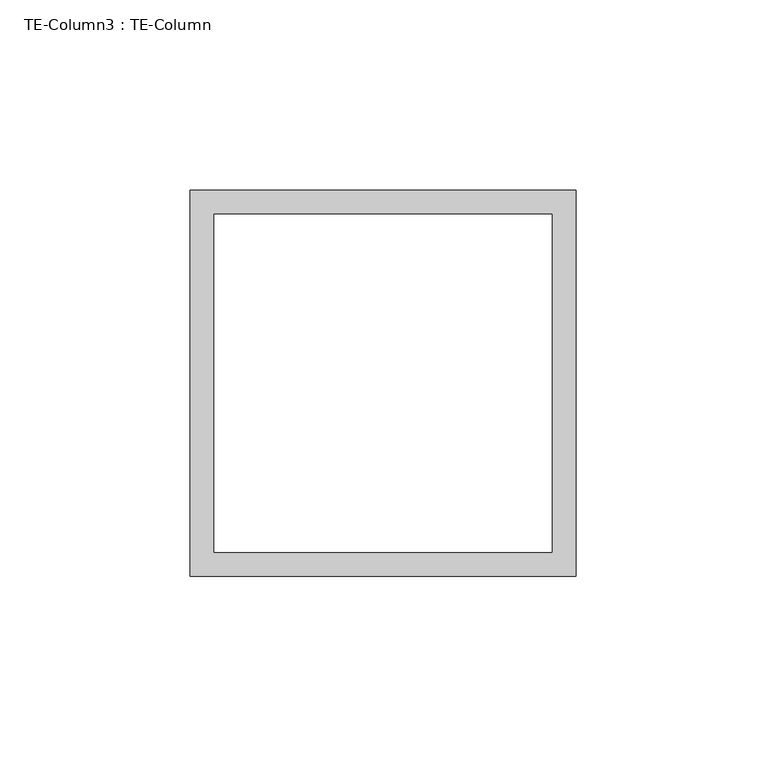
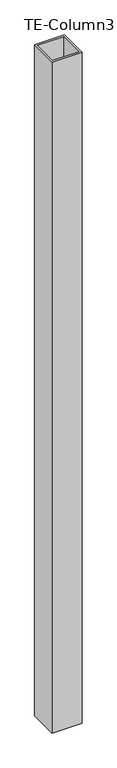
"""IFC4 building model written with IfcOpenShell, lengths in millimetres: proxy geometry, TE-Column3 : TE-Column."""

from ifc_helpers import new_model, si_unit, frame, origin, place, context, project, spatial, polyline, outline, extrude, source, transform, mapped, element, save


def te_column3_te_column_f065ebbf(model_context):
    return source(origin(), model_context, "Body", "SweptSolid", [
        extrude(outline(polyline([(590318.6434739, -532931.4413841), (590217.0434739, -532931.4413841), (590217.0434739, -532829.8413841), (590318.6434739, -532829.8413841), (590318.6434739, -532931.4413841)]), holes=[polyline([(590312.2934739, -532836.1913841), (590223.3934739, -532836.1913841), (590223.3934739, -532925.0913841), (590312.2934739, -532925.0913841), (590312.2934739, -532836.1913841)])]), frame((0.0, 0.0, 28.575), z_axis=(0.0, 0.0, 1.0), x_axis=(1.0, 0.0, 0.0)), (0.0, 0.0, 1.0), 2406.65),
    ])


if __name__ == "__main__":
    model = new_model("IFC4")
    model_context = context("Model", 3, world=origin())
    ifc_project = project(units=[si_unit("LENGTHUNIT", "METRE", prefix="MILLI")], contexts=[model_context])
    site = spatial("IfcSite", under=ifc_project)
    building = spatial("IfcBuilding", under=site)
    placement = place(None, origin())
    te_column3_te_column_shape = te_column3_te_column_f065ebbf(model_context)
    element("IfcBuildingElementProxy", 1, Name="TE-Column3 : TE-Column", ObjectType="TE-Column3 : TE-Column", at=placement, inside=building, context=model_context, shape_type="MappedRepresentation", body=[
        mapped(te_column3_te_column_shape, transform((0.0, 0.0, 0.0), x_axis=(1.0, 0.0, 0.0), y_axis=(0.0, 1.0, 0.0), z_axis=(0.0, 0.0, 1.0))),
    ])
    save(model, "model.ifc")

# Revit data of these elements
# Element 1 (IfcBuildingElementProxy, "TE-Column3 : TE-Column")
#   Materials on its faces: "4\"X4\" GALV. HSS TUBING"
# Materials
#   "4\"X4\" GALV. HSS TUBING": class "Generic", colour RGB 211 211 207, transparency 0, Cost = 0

= = =

The material should be returned verbatim, with all images omitted.

"""IFC4 building model written with IfcOpenShell, lengths in millimetres: proxy geometry, TE-Column3 : TE-Column."""

from ifc_helpers import new_model, si_unit, frame, origin, place, context, project, spatial, polyline, outline, extrude, source, transform, mapped, element, save


def te_column3_te_column_f065ebbf(model_context):
    return source(origin(), model_context, "Body", "SweptSolid", [
        extrude(outline(polyline([(590318.6434739, -532931.4413841), (590217.0434739, -532931.4413841), (590217.0434739, -532829.8413841), (590318.6434739, -532829.8413841), (590318.6434739, -532931.4413841)]), holes=[polyline([(590312.2934739, -532836.1913841), (590223.3934739, -532836.1913841), (590223.3934739, -532925.0913841), (590312.2934739, -532925.0913841), (590312.2934739, -532836.1913841)])]), frame((0.0, 0.0, 28.575), z_axis=(0.0, 0.0, 1.0), x_axis=(1.0, 0.0, 0.0)), (0.0, 0.0, 1.0), 2406.65),
    ])


if __name__ == "__main__":
    model = new_model("IFC4")
    model_context = context("Model", 3, world=origin())
    ifc_project = project(units=[si_unit("LENGTHUNIT", "METRE", prefix="MILLI")], contexts=[model_context])
    site = spatial("IfcSite", under=ifc_project)
    building = spatial("IfcBuilding", under=site)
    placement = place(None, origin())
    te_column3_te_column_shape = te_column3_te_column_f065ebbf(model_context)
    element("IfcBuildingElementProxy", 1, Name="TE-Column3 : TE-Column", ObjectType="TE-Column3 : TE-Column", at=placement, inside=building, context=model_context, shape_type="MappedRepresentation", body=[
        mapped(te_column3_te_column_shape, transform((0.0, 0.0, 0.0), x_axis=(1.0, 0.0, 0.0), y_axis=(0.0, 1.0, 0.0), z_axis=(0.0, 0.0, 1.0))),
    ])
    save(model, "model.ifc")

# Revit data of these elements
# Element 1 (IfcBuildingElementProxy, "TE-Column3 : TE-Column")
#   Materials on its faces: "4\"X4\" GALV. HSS TUBING"
# Materials
#   "4\"X4\" GALV. HSS TUBING": class "Generic", colour RGB 211 211 207, transparency 0, Cost = 0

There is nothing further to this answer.